Старшему сержанту Царапину снились сугробы, похожие на барханы. Он брел, проваливаясь в них по колено, и ногам почему-то было жарко. Бело-серые хлопья, падающие с неба, тоже были теплыми, почти горячими. И Царапин понял вдруг, что это не снег, а пепел.

Потом с вершины самого большого сугроба на совковой лопате без черенка съехал вниз рядовой Левша. Увидев Царапина, вскочил и, испуганно хлопая длинными пушистыми ресницами, вытянулся по стойке "смирно".

- Усих вбыло… - оправдываясь, проговорил он.

Нагнулся и, опасливо поглядывая на сержанта, принялся разгребать пепел. Вскоре под рукой его блеснуло что-то глянцевое, черное…

- Отставить! - в ужасе закричал Царапин. - Рядовой Левша!..

Но Левша будто не слышал - он только виновато улыбался и продолжал разгребать бело-серые хлопья, пока мертвый монстр не показался из пепла целиком.

- Усих… - беспомощно повторил Левша, выпрямляясь. Потом снова нагнулся, помогая черному мертвецу подняться.

- Лев-ша-а!..

Но они уже удалялись, брели, поддерживая друг друга и проваливаясь по колено в пепел при каждом шаге…

Царапин проснулся в холодном поту и, спотыкаясь о спящих, выбрался из палатки.

Шагах в пятнадцати от входа уже сымпровизировали курилку - там копошились розовые огоньки сигарет. И по тому, как мирно, как неторопливо переползали они с места на место, Царапин понял: с вторжением - покончено. Уэллс… Война миров… А потом подошли по шоссе двумя колоннами тяжелые, закутанные в брезент грузовики, раздалась команда - и пришельцев не стало…

- Разрешите присутствовать? - на всякий случай спросил Царапин. Среди курящих могли оказаться офицеры.

- Присутствуй-присутствуй… - хмыкнул кто-то, подвигаясь и освобождая место на длинной, положенной на кирпичи доске.

Царапин присел. Вдали, за черным пригорком, слабо светились розовые лужицы медленно остывающей раскаленной земли.

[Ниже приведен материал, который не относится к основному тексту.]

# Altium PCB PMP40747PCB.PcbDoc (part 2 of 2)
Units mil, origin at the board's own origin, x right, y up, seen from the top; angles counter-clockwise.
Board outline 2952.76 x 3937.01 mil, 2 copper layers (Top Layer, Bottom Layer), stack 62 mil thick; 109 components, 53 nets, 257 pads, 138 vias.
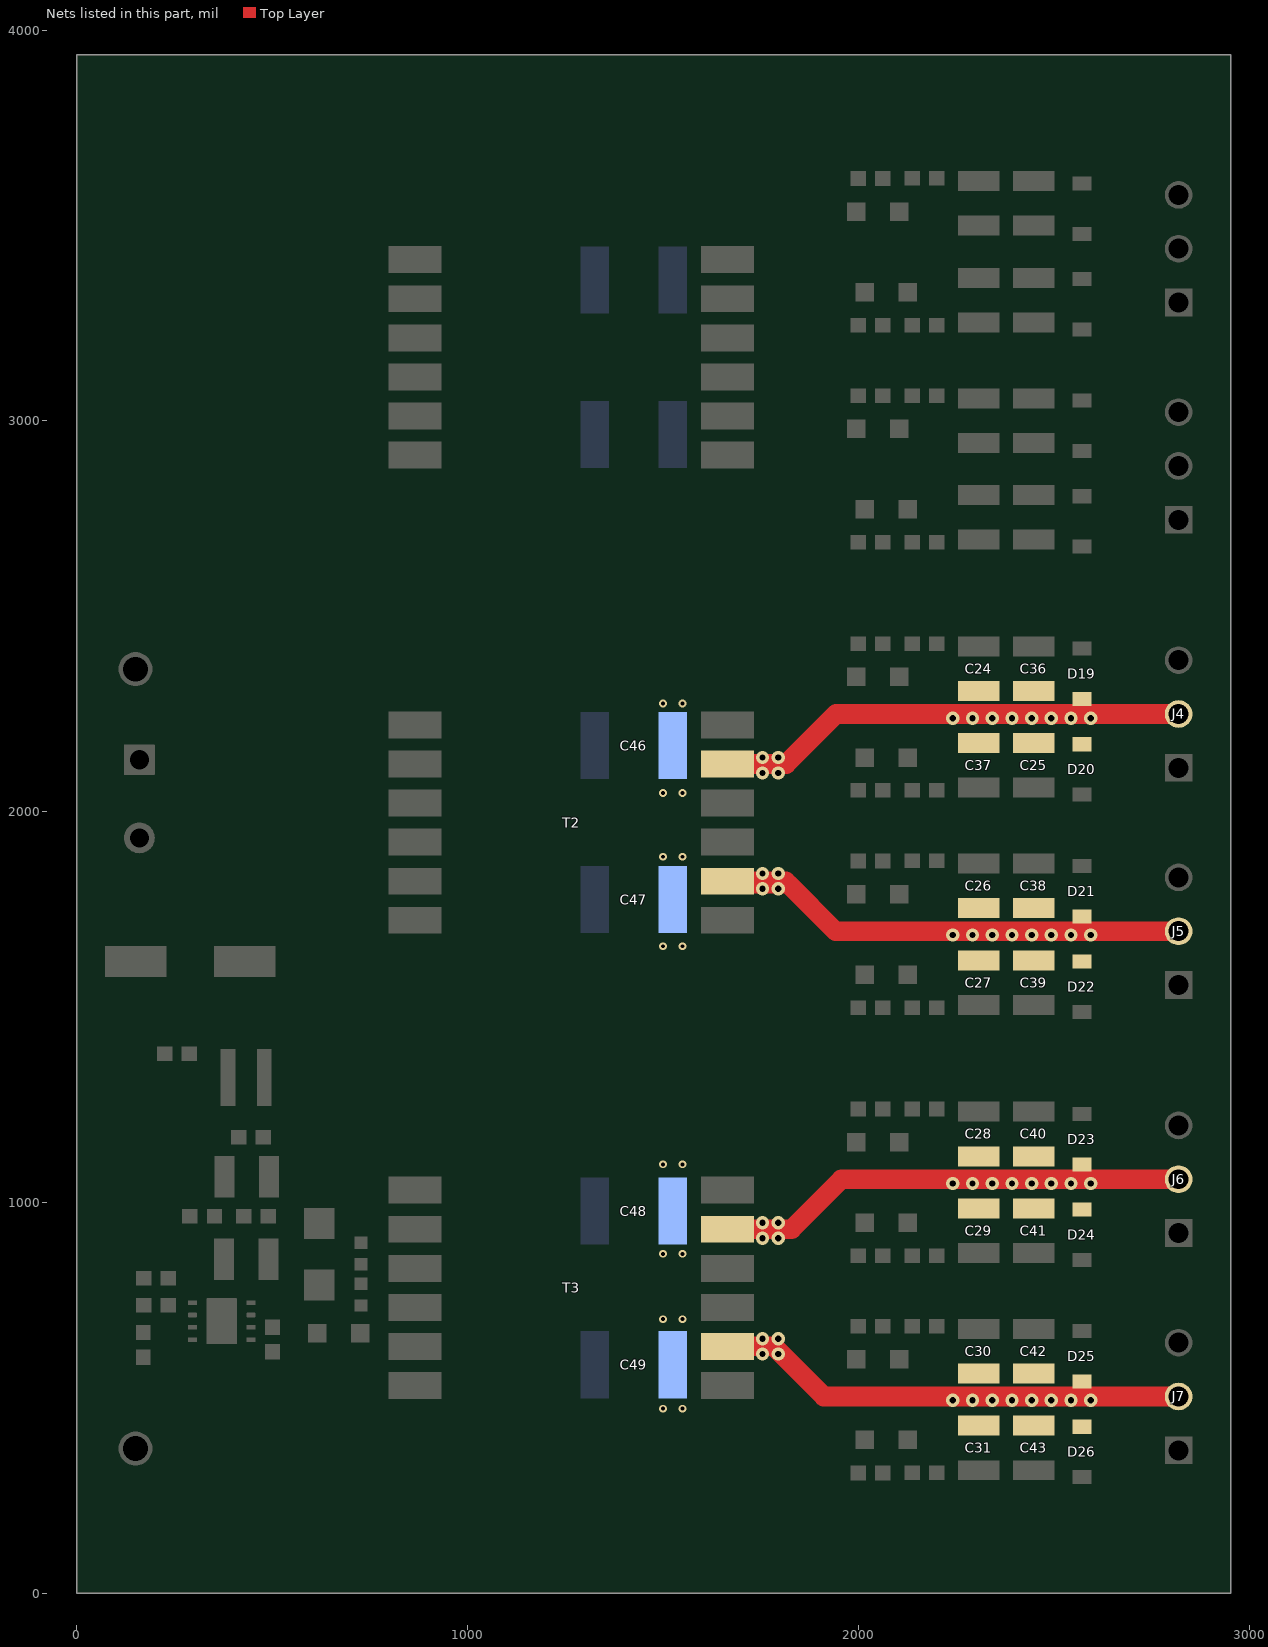
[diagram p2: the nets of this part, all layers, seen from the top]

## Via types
v1: diameter 34, hole 16, Top Layer to Bottom Layer, tented both sides, 72 vias
v2: diameter 20, hole 10, Top Layer to Bottom Layer, tented both sides, 48 vias
v3: diameter 30, hole 15, Top Layer to Bottom Layer, tented both sides, 10 vias
v4: diameter 196.85, hole 118.11, Top Layer to Bottom Layer, 4 vias
v5: diameter 19.68, hole 7.87, Top Layer to Bottom Layer, 4 vias

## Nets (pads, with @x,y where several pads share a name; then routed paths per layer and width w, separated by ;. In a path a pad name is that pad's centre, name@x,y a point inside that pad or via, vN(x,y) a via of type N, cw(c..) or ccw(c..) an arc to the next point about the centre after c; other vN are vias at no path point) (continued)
RTN_3: C24.1 C25.1 C36.1 C37.1 C46.1 D19.2 D20.1 J4.2 T2.11 | length 1207.8
  Top Layer w50: T2.11@1665,2122.06 1815.37,2122.06 1943.39,2250.07 J4.2@2819.77,2250.07
  other v1: 1755,2099.19 1795,2099.19 1755,2138.64 1795,2138.64 2241.82,2239.19 2292.27,2239.19 2342.73,2239.19 2393.18,2239.19 2443.64,2239.19 2494.09,2239.19 2544.55,2239.19 2595,2239.19
  other v2: 1500,2048.12 1550,2048.12 1500,2277.17 1550,2277.17
RTN_4: C26.1 C27.1 C38.1 C39.1 C47.1 D21.2 D22.1 J5.2 T2.8 | length 1356.6
  Top Layer w50: 1813.77,1822.06 T2.8@1665,1822.06 1671.03,1816.03 1819.8,1816.03 1941.79,1694.04 J5.2@2819.77,1694.04
  other v1: 2241.82,1684.19 2292.27,1684.19 2342.73,1684.19 2393.18,1684.19 2443.64,1684.19 2494.09,1684.19 2544.55,1684.19 2595,1684.19 1754.96,1802.6 1794.96,1802.6 1754.96,1842.06 1794.96,1842.06
  other v2: 1500,1655.62 1550,1655.62 1500,1884.67 1550,1884.67
RTN_5: C28.1 C29.1 C40.1 C41.1 C48.1 D23.2 D24.1 J6.2 T3.11 | length 1207.8
  Top Layer w50: T3.11@1665,931.24 1828.98,931.24 1957,1059.26 J6.2@2819.77,1059.26
  other v1: 1755,908.37 1795,908.37 1755,947.82 1795,947.82 2241.82,1048.37 2292.27,1048.37 2342.73,1048.37 2393.18,1048.37 2443.64,1048.37 2494.09,1048.37 2544.55,1048.37 2595,1048.37
  other v2: 1500,868.37 1550,868.37 1500,1097.42 1550,1097.42
RTN_6: C30.1 C31.1 C42.1 C43.1 C49.1 D25.2 D26.1 J7.2 T3.8 | length 1207.8
  Top Layer w50: T3.8@1665,631.24 1783.86,631.24 1911.88,503.22 J7.2@2819.77,503.22
  other v1: 2241.82,493.37 2292.27,493.37 2342.73,493.37 2393.18,493.37 2443.64,493.37 2494.09,493.37 2544.55,493.37 2595,493.37 1754.96,611.79 1794.96,611.79 1754.96,651.24 1794.96,651.24
  other v2: 1500,472.03 1550,472.03 1500,701.08 1550,701.08
pads on no net: U1.9@370.73,666.35 U1.9@370.73,725.8
copper on no net:
  other v4: 196.85,118.11 2804.96,118.11 196.85,3818.9 2804.96,3818.9

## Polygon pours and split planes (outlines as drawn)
GND on Top Layer "TOP_LAYER_GND_P154" (solid, remove dead copper, pour order 154): 0,3937.01 1362,3937.01 1362,0 0,0
no net on Top Layer "TOP_LAYER_NONET_P140" (solid, remove dead copper, pour order 140): 1600,1069.55
+15V_5 on Top Layer "TOP_LAYER_+15V_5_P138" (solid, remove dead copper, pour order 138): 2174.04,1261.78 2190.64,1278.37 2865,1278.37 2882.76,1260.61 2882.76,1177.18 2863.96,1158.37 2202,1158.37 2174.04,1186.33
RTN_5 on Top Layer "TOP_LAYER_RTN_5_P136" (solid, remove dead copper, pour order 136): 2866,978.37 2878,990.37 2878,1126.37 2861,1143.37 2218,1143.37 2173,1098.37 1899,1098.37 1769,968.37 1596,968.37 1596,888.37 1849,888.37 1957,996.37 2185,996.37 2233,948.37 2746,948.37 2776,978.37
-8V_5 on Top Layer "TOP_LAYER_-8V_5_P134" (solid, remove dead copper, pour order 134): 2865,834.37 2878,847.37 2878,950.37 2865,963.37 2783,963.37 2753,933.37 2204,933.37 2178.43,907.8 2178.43,846.95 2191,834.37
NetD12_1 on Top Layer "TOP_LAYER_NETD12_1_P132" (solid, remove dead copper, pour order 132): 1596,796.37 1596,865.37 1863,865.37 1970,972.37 2040,972.37 2040,911.13 2021,892.13 2021,844.37 1973,796.37
no net on Top Layer "TOP_LAYER_NONET_P130" (solid, remove dead copper, pour order 130): 1596,796.37
NetD11_2 on Top Layer "TOP_LAYER_NETD11_2_P128" (solid, remove dead copper, pour order 128): 1605.82,1075.37 1705,1075.37 1897.3,1267.67 2014,1267.67 2015.16,1267.67 2025,1257.82 2025,1127.37 2017,1119.37 1877.96,1119.37 1754.96,996.37 1597,996.37 1598.03,1067.58
no net on Top Layer "TOP_LAYER_NONET_P126" (solid, remove dead copper, pour order 126): 1597,996.37 1597,1064.37 1598,1065.37
-8V_6 on Top Layer "TOP_LAYER_-8V_6_P124" (solid, remove dead copper, pour order 124): 2865,278.33 2878,291.33 2878,394.33 2865,407.33 2783,407.33 2753,377.33 2204,377.33 2178.43,351.76 2178.43,290.91 2191,278.33
RTN_6 on Top Layer "TOP_LAYER_RTN_6_P122" (solid, remove dead copper, pour order 122): 1973.04,542.33 1847,668.37 1596,668.37 1596,592.37 1775,592.37 1927.04,440.33 2186.04,440.33 2234.04,392.33 2746,392.33 2776,422.33 2866,422.33 2878,434.33 2878,570.33 2861,587.33 2226.39,587.33 2181.39,542.33
+15V_6 on Top Layer "TOP_LAYER_+15V_6_P120" (solid, remove dead copper, pour order 120): 2178,709.7 2190.64,722.33 2865,722.33 2882.76,704.57 2882.76,621.14 2863.96,602.33 2202,602.33 2178,626.33
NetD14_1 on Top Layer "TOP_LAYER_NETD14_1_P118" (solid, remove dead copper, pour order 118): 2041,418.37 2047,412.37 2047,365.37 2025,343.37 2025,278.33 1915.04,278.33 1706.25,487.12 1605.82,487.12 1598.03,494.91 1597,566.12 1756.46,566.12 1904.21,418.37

- "Фаланги"… - недовольно сказали с дальнего края доски, видимо, продолжая разговор. - Хули там "фаланги"? У нас вон старшину Маранова "фаланга" хватанула…

- И что?

- И ничего. Через полчаса очухался, еще и аппаратуру нам помогал тащить… А что морды как противогаз - вон Гурген подтвердить может…

- Черт вас поймет! - с досадой сказал кто-то. - Пока сам не увижу - не поверю.

- Много ты там теперь увидишь! - прозвучал неподалеку от Царапина мрачный бас. - Видал, как артиллеристы поработали?..

Все замолчали, прислушиваясь к приближающемуся реву авиационных двигателей. Потом на курилку, разметая песок и срывая искры с сигарет, упал плотный ветер, заныло, загрохотало, и над ними потянулось, заслоняя звезды, длинное сигарообразное тело.

- Это тот, с дороги, - заметил сосед Царапина, когда вертолет прошел. - Загрузился…

- Кишка ты слепая, - незлобиво возразили ему. - Это пожарники патрулируют. Земля-то раскалена - янтак то и дело вспыхивает…

- На что ж они рассчитывали, не пойму, - сказал кто-то, до сей поры молчавший. - С тремя кораблями…

В курилке притихли, подумали.

- А черт их теперь разберет, что они там рассчитывали, - нехотя отозвался бас. - Может, это только разведка была…

Царапин встал.

- Не знаете, на бугор выйти можно? - спросил он. - Не задержат?

- Вообще-то был приказ от палаток не удаляться, - уклончиво ответили ему. - Ты только к вертолету не подходи.

- А что там?

- А Бог ее знает! Сначала распаковывали какие-то ящики, теперь запаковывают…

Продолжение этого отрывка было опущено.